A few days ago ADB announced that once he is finished with _The First Heretic_ he will start work on _Blood Reaver_, the sequel to _Soul Hunter_.



Aaron Dembski-Bowden said:


> It’s set at the Fall of Vilamus, when the Night Lords and Red Corsairs lay siege to the fortress-monastery of the Marines Errant. As before, the battle itself will be the backdrop, not the focus, the same as Crythe Primus was in Soul Hunter.
> 
> The two ‘main’ new characters are called Lucoryphus of the Bleeding Eyes, and Variel the Flayer. Lucoryphus leads the Raptors (the Bleeding Eyes) aboard the Covenant. Variel is… a surprise. Both show up in the Fear the Alien anthology. That’s all I’m saying.


I knew that Night Lords aided Blackheart and the Corsairs at Vilamus, but I didn't expect it to be Talos and 10th Company that did it. Its going to be amazing, and these two new guys. Lucoryphus of the Bleeding Eyes and Variel the Flayer, they sound very interesting. Im going to guess that Variel the Flayer is a Khorne Berzerker, which would be most interesting as Uzas can meet his future now.
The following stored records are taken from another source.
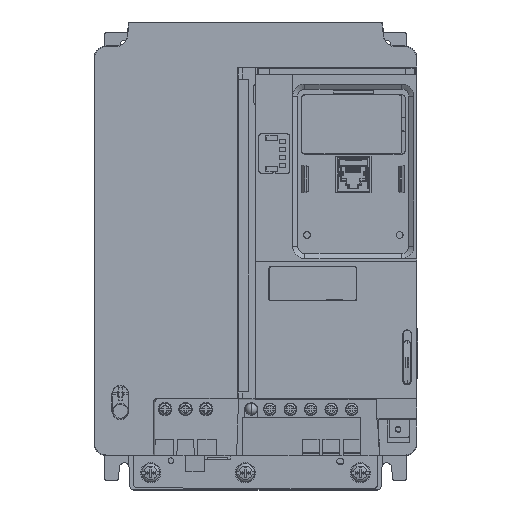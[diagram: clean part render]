
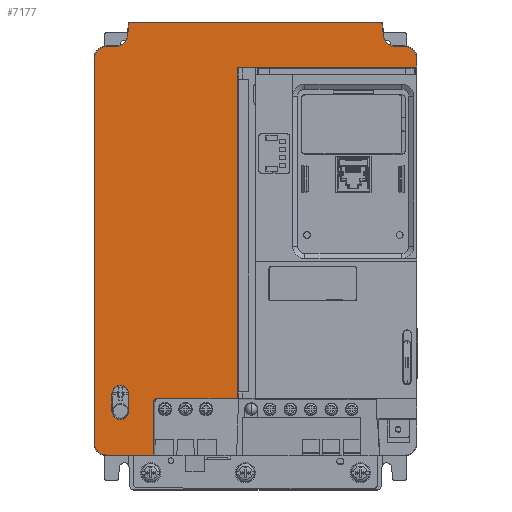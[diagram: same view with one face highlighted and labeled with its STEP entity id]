
A CAD part, top view. The second image highlights one B-rep face of the part: STEP entity #7177.
In plain terms, the highlighted planar face has unit normal (0, 0, 1).
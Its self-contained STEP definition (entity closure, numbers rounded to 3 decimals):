
#797=FACE_BOUND('',#21581,.T.);
#798=FACE_BOUND('',#21582,.T.);
#1641=(
BOUNDED_CURVE()
B_SPLINE_CURVE(3,(#156067,#156068,#156069,#156070),.UNSPECIFIED.,.F.,.F.)
B_SPLINE_CURVE_WITH_KNOTS((4,4),(0.,1.),.UNSPECIFIED.)
CURVE()
GEOMETRIC_REPRESENTATION_ITEM()
RATIONAL_B_SPLINE_CURVE((1.,0.805,0.805,1.))
REPRESENTATION_ITEM('')
);
#7177=ADVANCED_FACE('',(#797,#798),#11649,.T.);
#11649=PLANE('',#103875);
#21581=EDGE_LOOP('',(#42243,#42244,#42245,#42246,#42247,#42248,#42249,#42250,
#42251,#42252,#42253,#42254,#42255,#42256,#42257,#42258,#42259,#42260,#42261,
#42262));
#21582=EDGE_LOOP('',(#42263,#42264,#42265,#42266));
#25703=CIRCLE('',#103802,4.21);
#25706=CIRCLE('',#103809,4.21);
#25714=CIRCLE('',#103826,5.8);
#25719=CIRCLE('',#103835,5.2);
#25724=CIRCLE('',#103844,0.8);
#25728=CIRCLE('',#103850,0.8);
#25732=CIRCLE('',#103858,5.2);
#25737=CIRCLE('',#103867,5.8);
#25740=CIRCLE('',#103872,5.8);
#42243=ORIENTED_EDGE('',*,*,#72818,.T.);
#42244=ORIENTED_EDGE('',*,*,#72819,.F.);
#42245=ORIENTED_EDGE('',*,*,#72820,.F.);
#42246=ORIENTED_EDGE('',*,*,#72758,.T.);
#42247=ORIENTED_EDGE('',*,*,#72762,.F.);
#42248=ORIENTED_EDGE('',*,*,#72770,.F.);
#42249=ORIENTED_EDGE('',*,*,#72773,.F.);
#42250=ORIENTED_EDGE('',*,*,#72780,.F.);
#42251=ORIENTED_EDGE('',*,*,#72783,.F.);
#42252=ORIENTED_EDGE('',*,*,#72786,.T.);
#42253=ORIENTED_EDGE('',*,*,#72789,.F.);
#42254=ORIENTED_EDGE('',*,*,#72796,.F.);
#42255=ORIENTED_EDGE('',*,*,#72798,.F.);
#42256=ORIENTED_EDGE('',*,*,#72800,.F.);
#42257=ORIENTED_EDGE('',*,*,#72808,.F.);
#42258=ORIENTED_EDGE('',*,*,#72809,.T.);
#42259=ORIENTED_EDGE('',*,*,#72814,.F.);
#42260=ORIENTED_EDGE('',*,*,#72817,.T.);
#42261=ORIENTED_EDGE('',*,*,#72821,.T.);
#42262=ORIENTED_EDGE('',*,*,#72751,.T.);
#42263=ORIENTED_EDGE('',*,*,#72728,.F.);
#42264=ORIENTED_EDGE('',*,*,#72747,.F.);
#42265=ORIENTED_EDGE('',*,*,#72739,.F.);
#42266=ORIENTED_EDGE('',*,*,#72732,.F.);
#60834=VERTEX_POINT('',#156014);
#60835=VERTEX_POINT('',#156015);
#60837=VERTEX_POINT('',#156022);
#60840=VERTEX_POINT('',#156038);
#60844=VERTEX_POINT('',#156061);
#60847=VERTEX_POINT('',#156066);
#60854=VERTEX_POINT('',#156085);
#60855=VERTEX_POINT('',#156087);
#60857=VERTEX_POINT('',#156093);
#60862=VERTEX_POINT('',#156109);
#60864=VERTEX_POINT('',#156115);
#60868=VERTEX_POINT('',#156129);
#60870=VERTEX_POINT('',#156135);
#60872=VERTEX_POINT('',#156141);
#60874=VERTEX_POINT('',#156147);
#60877=VERTEX_POINT('',#156160);
#60878=VERTEX_POINT('',#156164);
#60880=VERTEX_POINT('',#156169);
#60884=VERTEX_POINT('',#156184);
#60885=VERTEX_POINT('',#156188);
#60888=VERTEX_POINT('',#156199);
#60890=VERTEX_POINT('',#156208);
#60891=VERTEX_POINT('',#156212);
#60892=VERTEX_POINT('',#156214);
#72728=EDGE_CURVE('',#60834,#60835,#25703,.T.);
#72732=EDGE_CURVE('',#60835,#60837,#84757,.T.);
#72739=EDGE_CURVE('',#60837,#60840,#25706,.T.);
#72747=EDGE_CURVE('',#60840,#60834,#84764,.T.);
#72751=EDGE_CURVE('',#60844,#60847,#1641,.T.);
#72758=EDGE_CURVE('',#60855,#60854,#84770,.T.);
#72762=EDGE_CURVE('',#60857,#60854,#25714,.T.);
#72770=EDGE_CURVE('',#60862,#60857,#84776,.T.);
#72773=EDGE_CURVE('',#60864,#60862,#25719,.T.);
#72780=EDGE_CURVE('',#60868,#60864,#84781,.T.);
#72783=EDGE_CURVE('',#60870,#60868,#25724,.T.);
#72786=EDGE_CURVE('',#60870,#60872,#84783,.T.);
#72789=EDGE_CURVE('',#60874,#60872,#25728,.T.);
#72796=EDGE_CURVE('',#60877,#60874,#84788,.T.);
#72798=EDGE_CURVE('',#60878,#60877,#25732,.T.);
#72800=EDGE_CURVE('',#60880,#60878,#84789,.T.);
#72808=EDGE_CURVE('',#60884,#60880,#25737,.T.);
#72809=EDGE_CURVE('',#60884,#60885,#84794,.T.);
#72814=EDGE_CURVE('',#60888,#60885,#25740,.T.);
#72817=EDGE_CURVE('',#60888,#60890,#84797,.T.);
#72818=EDGE_CURVE('',#60847,#60891,#84798,.T.);
#72819=EDGE_CURVE('',#60892,#60891,#84799,.T.);
#72820=EDGE_CURVE('',#60855,#60892,#84800,.T.);
#72821=EDGE_CURVE('',#60890,#60844,#84801,.T.);
#84757=LINE('',#156021,#95105);
#84764=LINE('',#156058,#95112);
#84770=LINE('',#156086,#95118);
#84776=LINE('',#156110,#95124);
#84781=LINE('',#156130,#95129);
#84783=LINE('',#156142,#95131);
#84788=LINE('',#156161,#95136);
#84789=LINE('',#156170,#95137);
#84794=LINE('',#156187,#95142);
#84797=LINE('',#156209,#95145);
#84798=LINE('',#156211,#95146);
#84799=LINE('',#156213,#95147);
#84800=LINE('',#156215,#95148);
#84801=LINE('',#156216,#95149);
#95105=VECTOR('',#122576,1.);
#95112=VECTOR('',#122605,1.);
#95118=VECTOR('',#122625,1.);
#95124=VECTOR('',#122651,1.);
#95129=VECTOR('',#122674,1.);
#95131=VECTOR('',#122688,1.);
#95136=VECTOR('',#122711,1.);
#95137=VECTOR('',#122722,1.);
#95142=VECTOR('',#122743,1.);
#95145=VECTOR('',#122756,1.);
#95146=VECTOR('',#122759,1.);
#95147=VECTOR('',#122760,1.);
#95148=VECTOR('',#122761,1.);
#95149=VECTOR('',#122762,1.);
#103802=AXIS2_PLACEMENT_3D('',#156013,#122569,#122570);
#103809=AXIS2_PLACEMENT_3D('',#156037,#122590,#122591);
#103826=AXIS2_PLACEMENT_3D('',#156094,#122634,#122635);
#103835=AXIS2_PLACEMENT_3D('',#156116,#122658,#122659);
#103844=AXIS2_PLACEMENT_3D('',#156136,#122681,#122682);
#103850=AXIS2_PLACEMENT_3D('',#156148,#122695,#122696);
#103858=AXIS2_PLACEMENT_3D('',#156165,#122716,#122717);
#103867=AXIS2_PLACEMENT_3D('',#156185,#122739,#122740);
#103872=AXIS2_PLACEMENT_3D('',#156200,#122751,#122752);
#103875=AXIS2_PLACEMENT_3D('',#156217,#122763,#122764);
#122569=DIRECTION('',(0.,0.,1.));
#122570=DIRECTION('',(1.,0.,0.));
#122576=DIRECTION('',(0.,1.,0.));
#122590=DIRECTION('',(0.,0.,1.));
#122591=DIRECTION('',(1.,0.,0.));
#122605=DIRECTION('',(0.,-1.,0.));
#122625=DIRECTION('',(0.,1.,0.));
#122634=DIRECTION('',(0.,0.,-1.));
#122635=DIRECTION('',(0.017,1.,0.));
#122651=DIRECTION('',(1.,-0.017,0.));
#122658=DIRECTION('',(0.,0.,1.));
#122659=DIRECTION('',(-0.996,-0.087,0.));
#122674=DIRECTION('',(0.087,-0.996,0.));
#122681=DIRECTION('',(0.,0.,-1.));
#122682=DIRECTION('',(0.,1.,0.));
#122688=DIRECTION('',(-1.,0.,0.));
#122695=DIRECTION('',(0.,0.,-1.));
#122696=DIRECTION('',(-0.996,0.087,0.));
#122711=DIRECTION('',(0.087,0.996,0.));
#122716=DIRECTION('',(0.,0.,1.));
#122717=DIRECTION('',(0.017,-1.,0.));
#122722=DIRECTION('',(1.,0.017,0.));
#122739=DIRECTION('',(0.,0.,-1.));
#122740=DIRECTION('',(-1.,0.,0.));
#122743=DIRECTION('',(0.,-1.,0.));
#122751=DIRECTION('',(0.,0.,-1.));
#122752=DIRECTION('',(0.,-1.,0.));
#122756=DIRECTION('',(1.,0.,0.));
#122759=DIRECTION('',(1.,0.,0.));
#122760=DIRECTION('',(0.,-1.,0.));
#122761=DIRECTION('',(-1.,0.,0.));
#122762=DIRECTION('',(0.,1.,0.));
#122763=DIRECTION('',(0.,0.,1.));
#122764=DIRECTION('',(-1.,0.,0.));
#156013=CARTESIAN_POINT('',(13.,39.,180.2));
#156014=CARTESIAN_POINT('',(8.79,39.,180.2));
#156015=CARTESIAN_POINT('',(17.21,39.,180.2));
#156021=CARTESIAN_POINT('',(17.21,17.,180.2));
#156022=CARTESIAN_POINT('',(17.21,47.5,180.2));
#156037=CARTESIAN_POINT('',(13.,47.5,180.2));
#156038=CARTESIAN_POINT('',(8.79,47.5,180.2));
#156058=CARTESIAN_POINT('',(8.79,17.,180.2));
#156061=CARTESIAN_POINT('',(29.4,43.418,180.2));
#156066=CARTESIAN_POINT('',(31.401,45.416,180.2));
#156067=CARTESIAN_POINT('',(29.4,43.418,180.2));
#156068=CARTESIAN_POINT('',(29.4,44.589,180.2));
#156069=CARTESIAN_POINT('',(30.229,45.416,180.2));
#156070=CARTESIAN_POINT('',(31.401,45.416,180.2));
#156085=CARTESIAN_POINT('',(159.8,214.104,180.2));
#156086=CARTESIAN_POINT('',(159.8,209.657,180.2));
#156087=CARTESIAN_POINT('',(159.8,209.657,180.2));
#156093=CARTESIAN_POINT('',(154.101,219.903,180.2));
#156094=CARTESIAN_POINT('',(154.,214.104,180.2));
#156109=CARTESIAN_POINT('',(148.523,220.,180.2));
#156110=CARTESIAN_POINT('',(148.523,220.,180.2));
#156115=CARTESIAN_POINT('',(143.434,224.746,180.2));
#156116=CARTESIAN_POINT('',(148.614,225.2,180.2));
#156129=CARTESIAN_POINT('',(142.881,231.07,180.2));
#156130=CARTESIAN_POINT('',(142.881,231.07,180.2));
#156135=CARTESIAN_POINT('',(142.084,231.8,180.2));
#156136=CARTESIAN_POINT('',(142.084,231.,180.2));
#156141=CARTESIAN_POINT('',(17.916,231.8,180.2));
#156142=CARTESIAN_POINT('',(142.084,231.8,180.2));
#156147=CARTESIAN_POINT('',(17.119,231.07,180.2));
#156148=CARTESIAN_POINT('',(17.916,231.,180.2));
#156160=CARTESIAN_POINT('',(16.566,224.746,180.2));
#156161=CARTESIAN_POINT('',(16.566,224.746,180.2));
#156164=CARTESIAN_POINT('',(11.477,220.,180.2));
#156165=CARTESIAN_POINT('',(11.386,225.2,180.2));
#156169=CARTESIAN_POINT('',(5.899,219.903,180.2));
#156170=CARTESIAN_POINT('',(5.899,219.903,180.2));
#156184=CARTESIAN_POINT('',(0.2,214.104,180.2));
#156185=CARTESIAN_POINT('',(6.,214.104,180.2));
#156187=CARTESIAN_POINT('',(0.2,214.104,180.2));
#156188=CARTESIAN_POINT('',(0.2,23.,180.2));
#156199=CARTESIAN_POINT('',(6.,17.2,180.2));
#156200=CARTESIAN_POINT('',(6.,23.,180.2));
#156208=CARTESIAN_POINT('',(29.4,17.2,180.2));
#156209=CARTESIAN_POINT('',(6.,17.2,180.2));
#156211=CARTESIAN_POINT('',(143.445,45.416,180.2));
#156212=CARTESIAN_POINT('',(70.95,45.416,180.2));
#156213=CARTESIAN_POINT('',(70.95,17.,180.2));
#156214=CARTESIAN_POINT('',(70.95,209.657,180.2));
#156215=CARTESIAN_POINT('',(159.8,209.657,180.2));
#156216=CARTESIAN_POINT('',(29.4,45.2,180.2));
#156217=CARTESIAN_POINT('',(80.,17.,180.2));

Either that or he is an extremely bloody and gory hunter.

Looking forward to this, and _Throne of Lies_ and _Fear the Alien_ both of which I am buying merely because they are Night Lord material, or have Night Lords. And yes, I like them that much that im willing to buy an entire anthology for just one story.


----------



## Khorne's Fist (Jul 18, 2008)

Lord of the Night said:


> . Im going to guess that Variel the Flayer is a Khorne Berzerker, which would be most interesting as Uzas can meet his future now. Either that or he is an extremely bloody and gory hunter.


I'm thinking more Slaanesh myself for some reason. Skinning people alive seems more their thing.


----------



## DarKnightWarlord (Apr 29, 2010)

Has Vilamus been mentioned elsewwhere?


----------



## darkreever (Apr 3, 2008)

In the space marine codex yes, if memory serves. Can't wait to see what the second book has in store for tenth company.


----------



## World Eater XII (Dec 12, 2008)

Agreed. Gotta be the first book to have raptors as a sorta main line?


----------



## Brother Subtle (May 24, 2009)

How many men is the 10th down to now after crythe primus? 30 something was it? If ADB isn't careful he might not have enough night lords left to make anymore than a trilogy! Lol. Unless the Exhaulted pulls over to do some recruiting soon? But from what I gathered from Soul Hunter Vandred isn't keen on doing anything to save the 10th from decending into a lose warband.


----------



## World Eater XII (Dec 12, 2008)

Maybe he has changed his views on the 10th, as at the end of the first book, his character changes and that may mean his priorities are different?


----------



## darkreever (Apr 3, 2008)

We can only be so lucky, despite everything Vandred is a fairly cool character. Though do keep in mind that as of the end of the first book, Talos is more powerful now, coincidentally for reasons made known earlier.


----------



## Child-of-the-Emperor (Feb 22, 2009)

Im wondering if it will follow a similar theme as _Soul Hunter_ in the sense of as Abaddon used the Night Lords in the first book, will the Blood Reaver and his Red Corsairs use the Night Lords in this one.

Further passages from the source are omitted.